▶ WHAT IS EXPECTED: Find the lines of the listing that contain the string "Range", and return them.

::::::::::

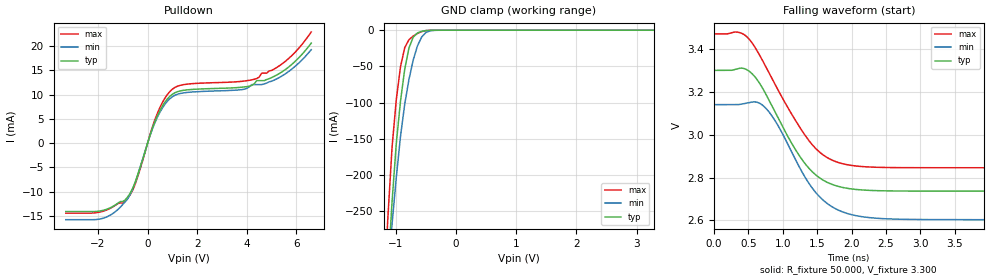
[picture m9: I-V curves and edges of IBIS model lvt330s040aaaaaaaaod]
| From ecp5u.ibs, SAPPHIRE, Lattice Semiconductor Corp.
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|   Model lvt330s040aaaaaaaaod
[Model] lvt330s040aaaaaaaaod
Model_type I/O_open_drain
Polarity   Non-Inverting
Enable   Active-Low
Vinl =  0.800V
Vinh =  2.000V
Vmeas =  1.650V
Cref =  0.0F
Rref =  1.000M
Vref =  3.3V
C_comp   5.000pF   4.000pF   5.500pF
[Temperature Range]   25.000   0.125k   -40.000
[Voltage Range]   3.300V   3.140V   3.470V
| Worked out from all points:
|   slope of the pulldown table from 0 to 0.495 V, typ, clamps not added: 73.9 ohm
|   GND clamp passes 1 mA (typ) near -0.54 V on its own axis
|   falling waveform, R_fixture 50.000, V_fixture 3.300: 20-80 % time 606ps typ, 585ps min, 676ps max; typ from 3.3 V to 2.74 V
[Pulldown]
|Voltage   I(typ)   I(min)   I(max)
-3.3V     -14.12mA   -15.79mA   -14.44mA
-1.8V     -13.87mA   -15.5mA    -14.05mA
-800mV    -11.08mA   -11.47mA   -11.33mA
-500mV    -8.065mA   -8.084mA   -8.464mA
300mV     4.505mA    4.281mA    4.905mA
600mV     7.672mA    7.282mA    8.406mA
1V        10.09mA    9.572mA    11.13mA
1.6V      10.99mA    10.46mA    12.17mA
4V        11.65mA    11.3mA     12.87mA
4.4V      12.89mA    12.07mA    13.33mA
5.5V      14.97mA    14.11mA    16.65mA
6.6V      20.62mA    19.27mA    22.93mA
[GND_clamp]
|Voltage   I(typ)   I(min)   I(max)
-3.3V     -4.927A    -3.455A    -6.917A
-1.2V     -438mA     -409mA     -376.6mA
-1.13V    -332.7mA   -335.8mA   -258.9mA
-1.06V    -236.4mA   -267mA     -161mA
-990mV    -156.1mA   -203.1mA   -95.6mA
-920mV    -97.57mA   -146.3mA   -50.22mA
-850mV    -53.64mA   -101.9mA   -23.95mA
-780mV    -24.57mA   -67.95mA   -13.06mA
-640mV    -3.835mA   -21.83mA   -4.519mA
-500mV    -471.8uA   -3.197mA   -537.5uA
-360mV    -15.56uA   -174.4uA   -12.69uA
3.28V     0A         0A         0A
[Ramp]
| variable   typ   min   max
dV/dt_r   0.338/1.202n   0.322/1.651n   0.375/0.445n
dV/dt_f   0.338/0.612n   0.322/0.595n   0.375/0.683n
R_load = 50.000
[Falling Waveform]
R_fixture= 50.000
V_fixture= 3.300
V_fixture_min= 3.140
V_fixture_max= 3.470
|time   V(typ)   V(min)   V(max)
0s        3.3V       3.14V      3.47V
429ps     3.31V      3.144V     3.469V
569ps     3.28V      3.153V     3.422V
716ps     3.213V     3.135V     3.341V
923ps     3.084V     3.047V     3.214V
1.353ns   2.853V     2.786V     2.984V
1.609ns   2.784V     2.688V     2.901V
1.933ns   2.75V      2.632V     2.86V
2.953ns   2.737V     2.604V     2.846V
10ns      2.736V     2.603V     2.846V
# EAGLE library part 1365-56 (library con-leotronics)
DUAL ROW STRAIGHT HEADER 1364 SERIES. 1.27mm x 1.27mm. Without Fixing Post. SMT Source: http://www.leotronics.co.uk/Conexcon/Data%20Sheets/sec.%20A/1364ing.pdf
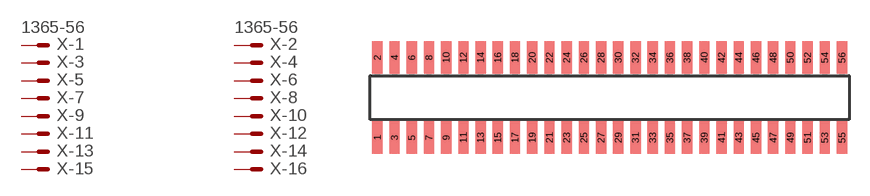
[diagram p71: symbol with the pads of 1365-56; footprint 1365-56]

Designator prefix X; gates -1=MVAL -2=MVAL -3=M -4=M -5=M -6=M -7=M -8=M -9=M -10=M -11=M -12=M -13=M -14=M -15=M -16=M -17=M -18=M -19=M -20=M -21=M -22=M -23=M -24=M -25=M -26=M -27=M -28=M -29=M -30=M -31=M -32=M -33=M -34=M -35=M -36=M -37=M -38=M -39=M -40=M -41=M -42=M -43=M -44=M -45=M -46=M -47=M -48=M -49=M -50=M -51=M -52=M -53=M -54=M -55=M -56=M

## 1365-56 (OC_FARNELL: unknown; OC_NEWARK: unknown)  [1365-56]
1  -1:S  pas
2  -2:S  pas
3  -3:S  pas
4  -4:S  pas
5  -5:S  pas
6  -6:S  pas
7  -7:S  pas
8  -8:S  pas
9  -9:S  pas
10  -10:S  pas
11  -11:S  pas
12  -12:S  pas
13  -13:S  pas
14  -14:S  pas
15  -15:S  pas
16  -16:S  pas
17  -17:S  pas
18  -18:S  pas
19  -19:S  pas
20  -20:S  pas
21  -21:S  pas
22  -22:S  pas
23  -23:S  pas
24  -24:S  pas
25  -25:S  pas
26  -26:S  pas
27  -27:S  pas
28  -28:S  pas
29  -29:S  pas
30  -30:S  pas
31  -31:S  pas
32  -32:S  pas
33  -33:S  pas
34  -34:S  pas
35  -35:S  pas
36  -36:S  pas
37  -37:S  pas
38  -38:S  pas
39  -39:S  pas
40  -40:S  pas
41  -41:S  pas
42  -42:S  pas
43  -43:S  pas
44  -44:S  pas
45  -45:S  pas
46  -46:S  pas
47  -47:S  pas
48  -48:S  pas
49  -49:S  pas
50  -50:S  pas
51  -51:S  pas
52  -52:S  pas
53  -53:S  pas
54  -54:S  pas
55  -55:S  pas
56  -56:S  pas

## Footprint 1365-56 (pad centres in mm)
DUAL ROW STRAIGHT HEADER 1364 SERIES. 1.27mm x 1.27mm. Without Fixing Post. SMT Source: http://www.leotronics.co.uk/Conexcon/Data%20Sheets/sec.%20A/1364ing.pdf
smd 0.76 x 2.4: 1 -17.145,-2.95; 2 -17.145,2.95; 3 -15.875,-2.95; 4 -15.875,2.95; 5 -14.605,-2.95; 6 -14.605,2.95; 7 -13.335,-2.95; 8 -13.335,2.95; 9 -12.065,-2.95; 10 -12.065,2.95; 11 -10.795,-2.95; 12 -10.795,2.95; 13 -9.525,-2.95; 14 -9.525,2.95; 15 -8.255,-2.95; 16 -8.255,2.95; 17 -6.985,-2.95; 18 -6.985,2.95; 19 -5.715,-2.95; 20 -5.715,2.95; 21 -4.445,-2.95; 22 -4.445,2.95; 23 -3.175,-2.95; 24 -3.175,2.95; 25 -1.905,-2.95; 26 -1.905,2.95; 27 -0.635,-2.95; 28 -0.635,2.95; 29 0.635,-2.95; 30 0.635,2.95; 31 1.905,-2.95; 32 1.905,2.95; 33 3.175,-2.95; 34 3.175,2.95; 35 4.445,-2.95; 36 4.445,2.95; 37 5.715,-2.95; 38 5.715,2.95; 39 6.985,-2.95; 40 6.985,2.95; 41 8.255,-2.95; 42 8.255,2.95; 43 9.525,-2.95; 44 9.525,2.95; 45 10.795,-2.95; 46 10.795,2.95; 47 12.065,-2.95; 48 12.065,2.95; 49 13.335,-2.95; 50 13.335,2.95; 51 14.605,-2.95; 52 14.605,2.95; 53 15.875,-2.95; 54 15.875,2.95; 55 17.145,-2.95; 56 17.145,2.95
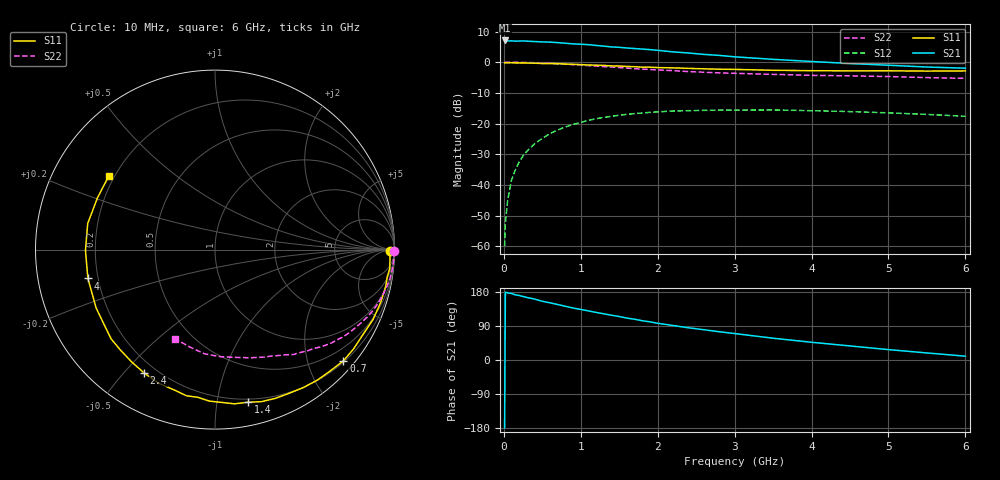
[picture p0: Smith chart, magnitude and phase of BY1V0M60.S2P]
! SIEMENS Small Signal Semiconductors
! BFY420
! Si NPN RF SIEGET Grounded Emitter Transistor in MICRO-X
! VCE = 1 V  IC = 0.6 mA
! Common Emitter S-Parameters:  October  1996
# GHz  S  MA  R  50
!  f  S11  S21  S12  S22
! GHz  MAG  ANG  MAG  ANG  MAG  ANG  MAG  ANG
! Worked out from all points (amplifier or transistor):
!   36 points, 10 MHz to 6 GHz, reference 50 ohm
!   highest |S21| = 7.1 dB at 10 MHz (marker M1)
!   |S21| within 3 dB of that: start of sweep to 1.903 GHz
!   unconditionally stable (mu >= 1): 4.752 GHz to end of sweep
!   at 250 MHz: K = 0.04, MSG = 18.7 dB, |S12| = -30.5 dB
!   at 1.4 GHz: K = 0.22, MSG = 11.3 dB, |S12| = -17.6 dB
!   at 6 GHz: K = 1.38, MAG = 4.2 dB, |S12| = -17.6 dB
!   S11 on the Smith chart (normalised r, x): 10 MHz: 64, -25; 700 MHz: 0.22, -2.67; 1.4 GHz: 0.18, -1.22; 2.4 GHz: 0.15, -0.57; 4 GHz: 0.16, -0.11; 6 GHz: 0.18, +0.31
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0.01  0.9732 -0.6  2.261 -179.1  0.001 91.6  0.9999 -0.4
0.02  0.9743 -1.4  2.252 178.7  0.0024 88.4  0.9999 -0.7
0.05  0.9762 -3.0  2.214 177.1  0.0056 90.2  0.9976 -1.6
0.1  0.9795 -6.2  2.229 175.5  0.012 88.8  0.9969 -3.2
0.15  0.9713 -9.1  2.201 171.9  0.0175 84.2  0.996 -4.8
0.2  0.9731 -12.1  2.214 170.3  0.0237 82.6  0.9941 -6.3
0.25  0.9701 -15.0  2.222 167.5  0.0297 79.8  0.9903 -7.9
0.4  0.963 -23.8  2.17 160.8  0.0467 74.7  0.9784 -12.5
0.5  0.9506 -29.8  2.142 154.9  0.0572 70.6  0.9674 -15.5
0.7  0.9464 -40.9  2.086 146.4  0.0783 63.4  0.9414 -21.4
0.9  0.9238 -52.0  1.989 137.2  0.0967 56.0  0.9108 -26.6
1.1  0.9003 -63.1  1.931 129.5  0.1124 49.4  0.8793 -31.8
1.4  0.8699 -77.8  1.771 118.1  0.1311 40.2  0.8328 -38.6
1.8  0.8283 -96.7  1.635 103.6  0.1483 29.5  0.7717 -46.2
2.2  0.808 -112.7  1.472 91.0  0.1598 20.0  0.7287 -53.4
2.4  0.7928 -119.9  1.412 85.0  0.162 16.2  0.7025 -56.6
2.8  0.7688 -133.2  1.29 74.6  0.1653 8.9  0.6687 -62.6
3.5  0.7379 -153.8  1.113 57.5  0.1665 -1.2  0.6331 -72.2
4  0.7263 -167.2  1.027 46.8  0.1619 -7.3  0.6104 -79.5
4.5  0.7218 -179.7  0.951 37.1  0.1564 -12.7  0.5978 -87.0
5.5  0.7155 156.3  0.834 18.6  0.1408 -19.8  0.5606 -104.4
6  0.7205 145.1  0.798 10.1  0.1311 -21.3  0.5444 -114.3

::::::::::

▶ EXERCISE SOLUTION:
[Temperature Range]   25.000   0.125k   -40.000
[Voltage Range]   3.300V   3.140V   3.470V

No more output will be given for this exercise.